# Need more low. Help.



## Wobblenuts (Feb 5, 2007)

We just finished up my bag install. Running xl fronts with re5 rears and dcups. The fronts are fine but the rear was lower on coilovers. Help. 

Sent from your mom's couch using her laptop.


----------



## joelzy (Aug 20, 2007)

did you trim the nipple on the car? to get mine low i had to trim that a lot as well as the top bracket.

this may be more than necessary but mine are now down this far and the nipple is about the same


----------



## Wobblenuts (Feb 5, 2007)

I didn't.

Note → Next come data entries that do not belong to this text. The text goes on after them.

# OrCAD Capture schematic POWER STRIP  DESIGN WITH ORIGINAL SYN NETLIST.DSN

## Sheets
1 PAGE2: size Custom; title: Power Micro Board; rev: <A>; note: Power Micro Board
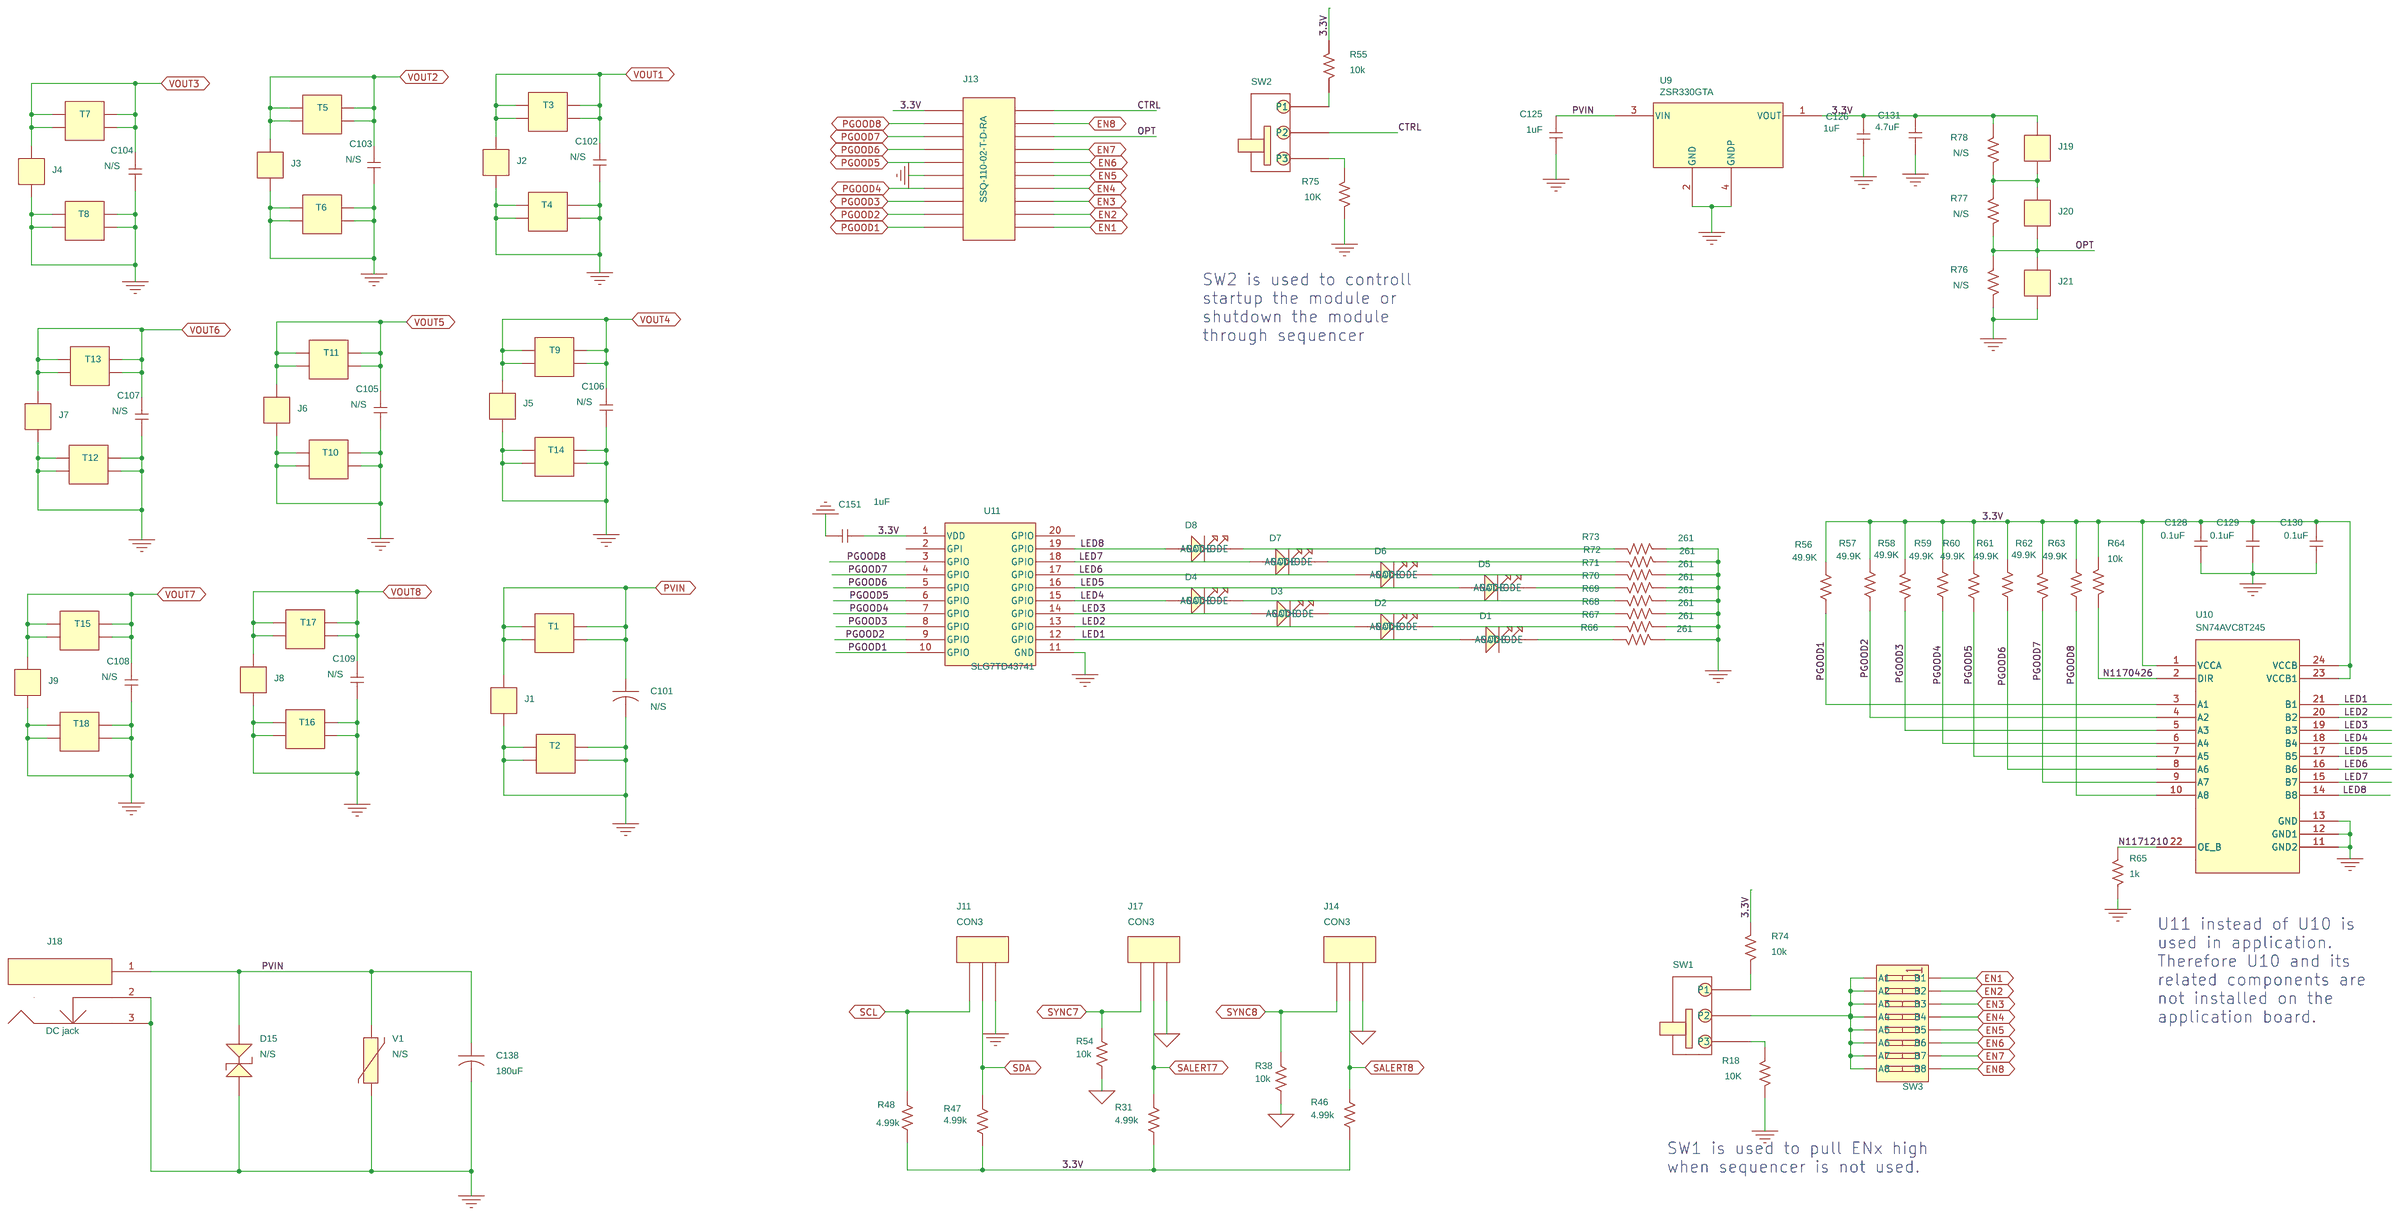
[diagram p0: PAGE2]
2 PAGE1: size Custom; rev: A
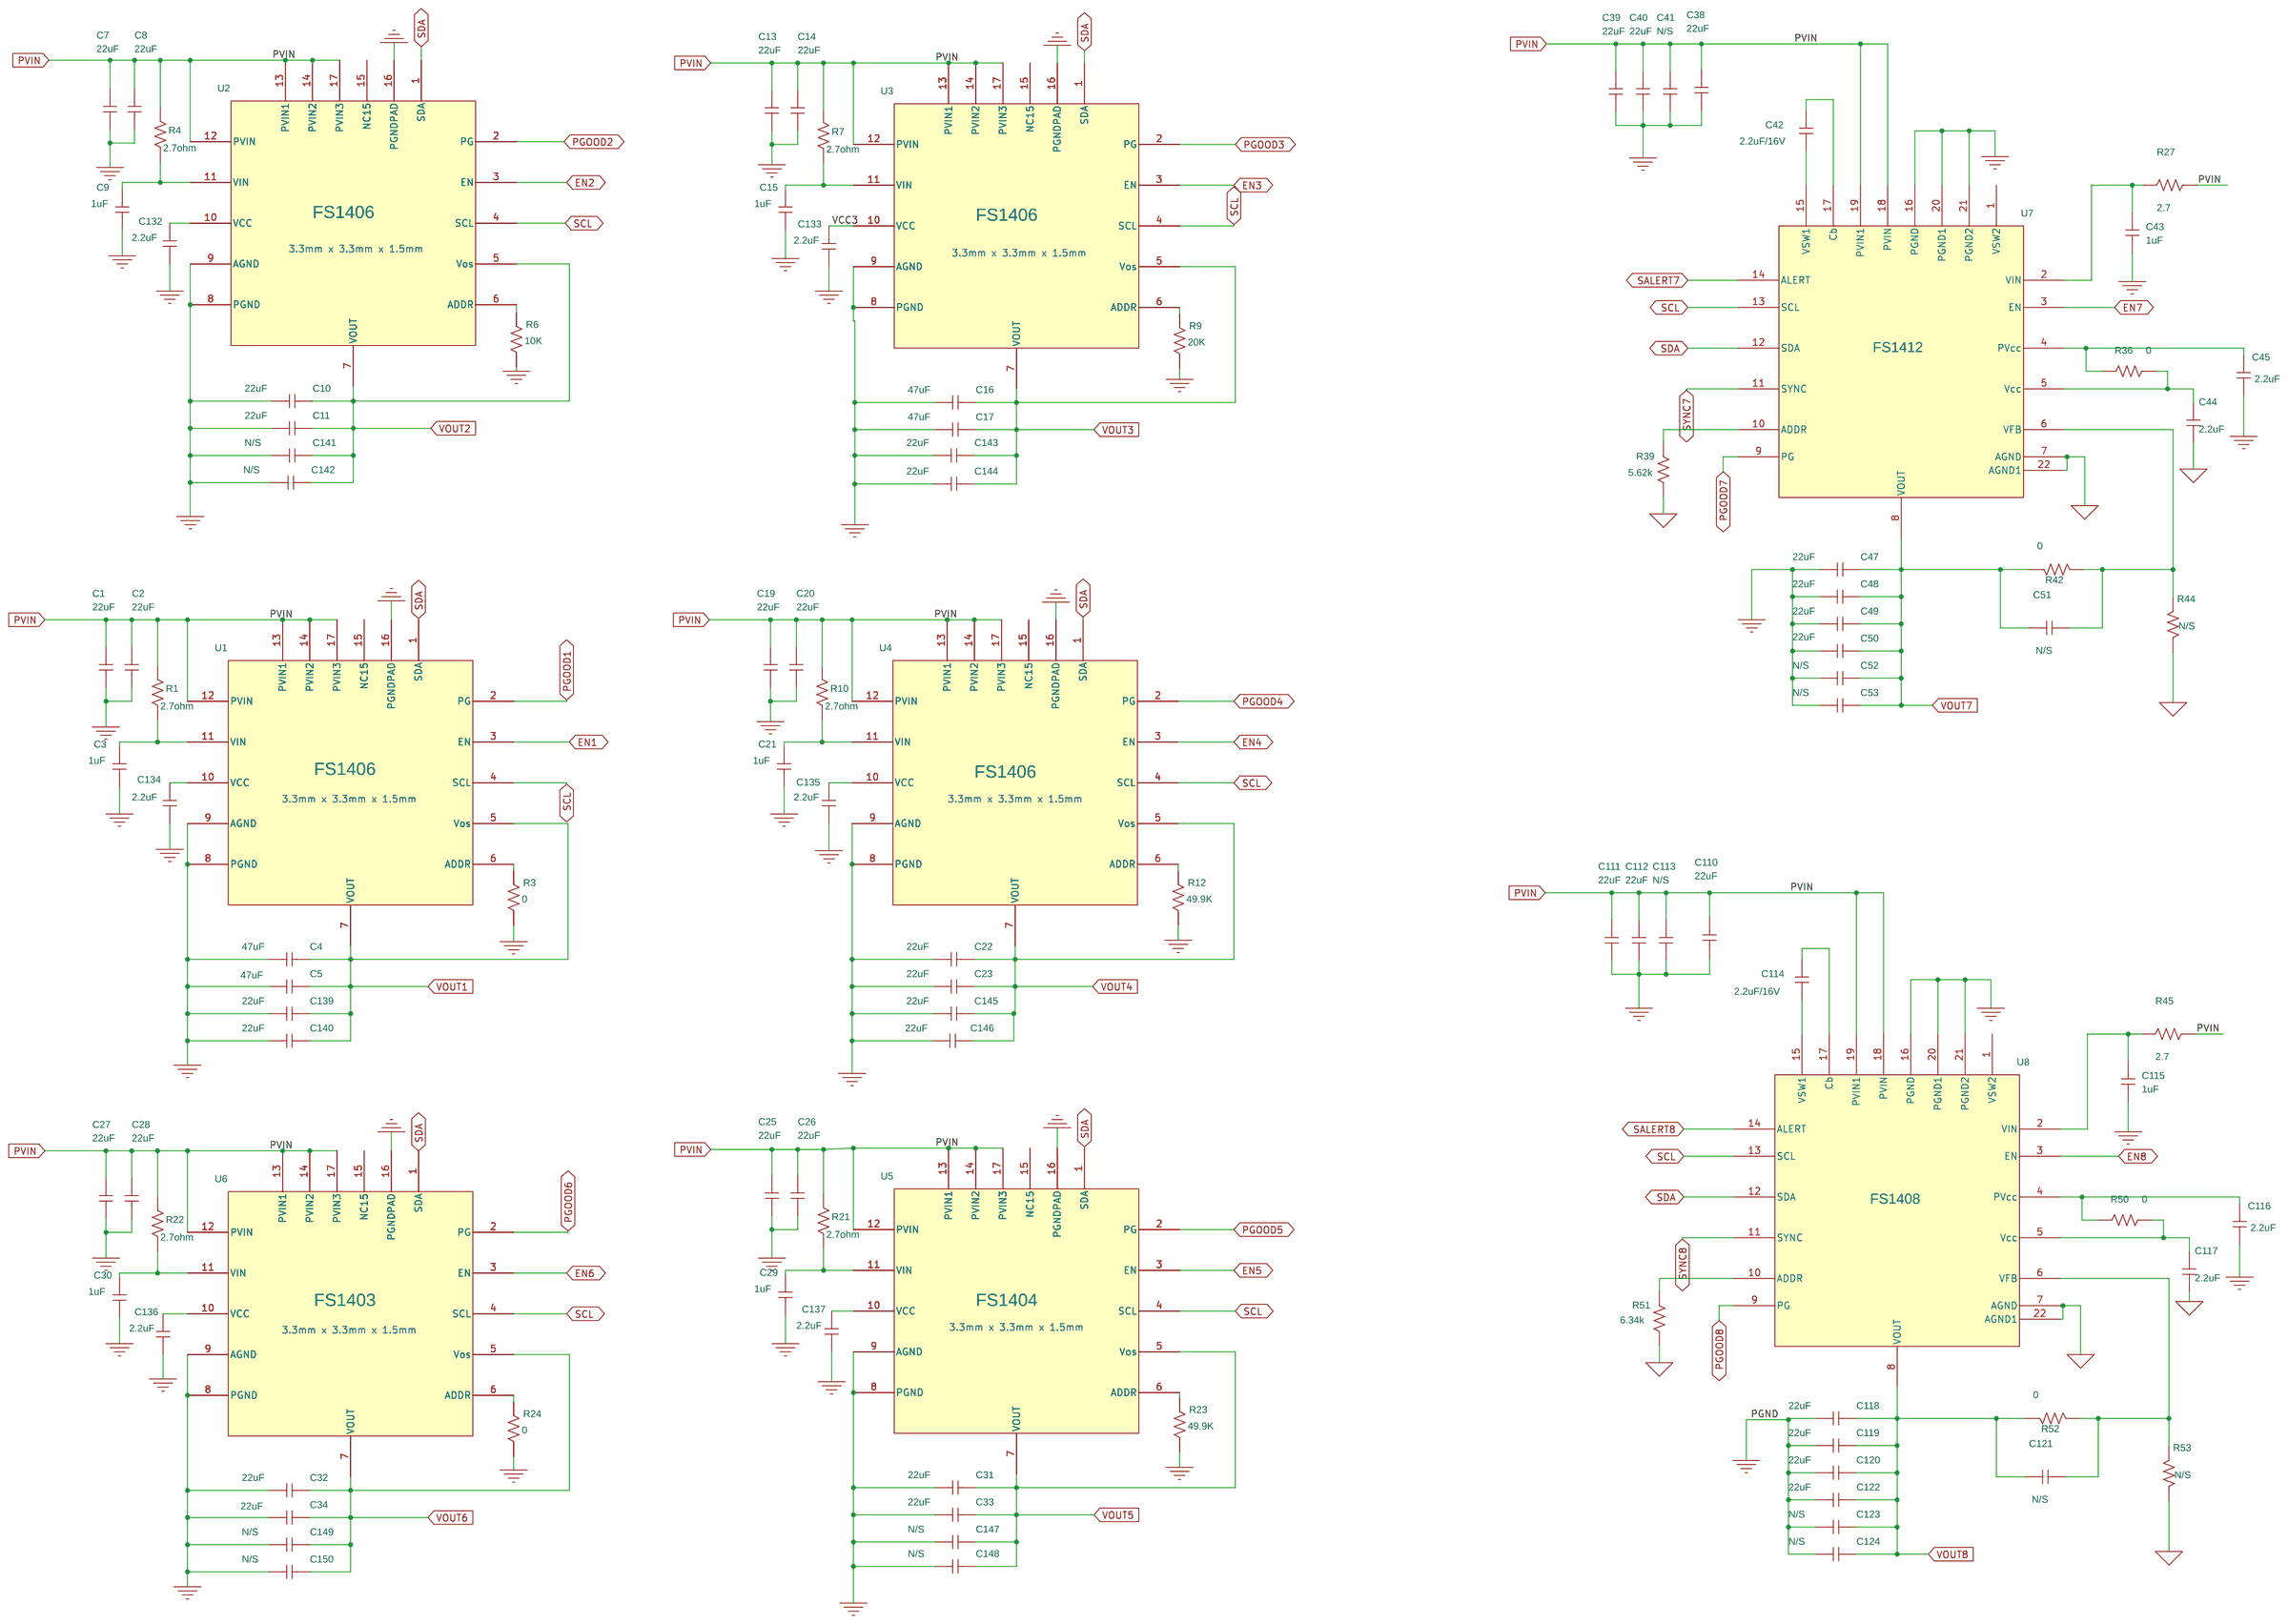
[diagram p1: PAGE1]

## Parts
sheet PAGE1
C1  22uF  [0805]
C2  22uF  [0805]
C3  1uF  [0603]
C4  47uF  [0805]
C5  47uF  [0805]
C7  22uF  [0805]
C8  22uF  [0805]
C9  1uF  [0603]
C10  22uF  [0805]
C11  22uF  [0805]
C13  22uF  [0805]
C14  22uF  [0805]
C15  1uF  [0603]
C16  47uF  [0805]
C17  47uF  [0805]
C19  22uF  [0805]
C20  22uF  [0805]
C21  1uF  [0603]
C22  22uF  [0805]
C23  22uF  [0805]
C25  22uF  [0805]
C26  22uF  [0805]
C27  22uF  [0805]
C28  22uF  [0805]
C29  1uF  [0603]
C30  1uF  [0603]
C31  22uF  [0805]
C32  22uF  [0805]
C33  22uF  [0805]
C34  22uF  [0805]
C38  22uF  [0805]
C39  22uF  [0805]
C40  22uF  [0805]
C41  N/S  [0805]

I wast aware of this until after we were done. I think Monday were going to trim it and pull the upper bracket out. If that doesn't get me low enough then I'll go another route. I've heard AH2 and s10 cups work good. 


Sent from your mom's couch using her laptop.


----------



## joelzy (Aug 20, 2007)

the sleeve bags seem to collapse further than REs
im bottoming out beam on body at this point, so it can be achieved with the RE-5s just need to trim the nipple a lot and the top bracket a decent amount


----------



## Wobblenuts (Feb 5, 2007)

That's good news. I was going to trim the nipple, and move the bracket completely. Can you take that top dcup mount out? Feel like posting a pic for me? 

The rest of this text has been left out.